Records from a collection
<<<<

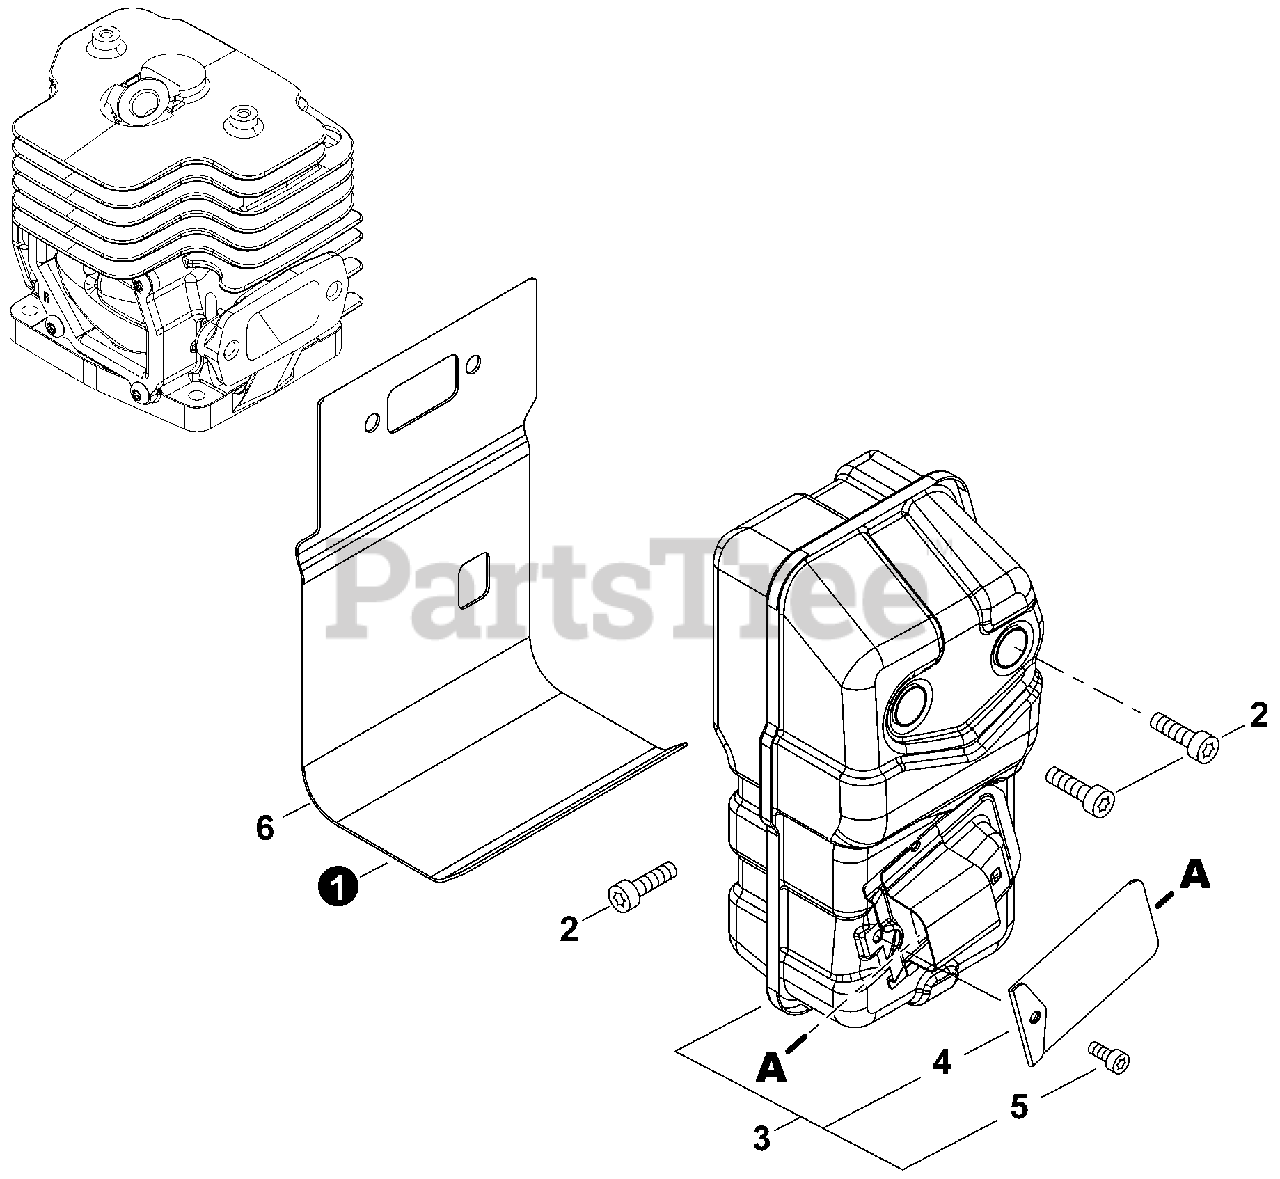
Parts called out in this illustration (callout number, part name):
1	HEAT SHIELD, EXHAUST
2	BOLT, TORX 6x20
3	MUFFLER ASSY
4	SCREEN, SPARK ARRESTER
5	BOLT, TORX 4x8
6	GASKET KIT: ENGINE, INTAKE, EXHAUST

>>>>

What needs to be done:
Set the records down again exactly as given, and leave the pictures out.

Reply to the task:
Parts called out in this illustration (callout number, part name):
1	HEAT SHIELD, EXHAUST
2	BOLT, TORX 6x20
3	MUFFLER ASSY
4	SCREEN, SPARK ARRESTER
5	BOLT, TORX 4x8
6	GASKET KIT: ENGINE, INTAKE, EXHAUST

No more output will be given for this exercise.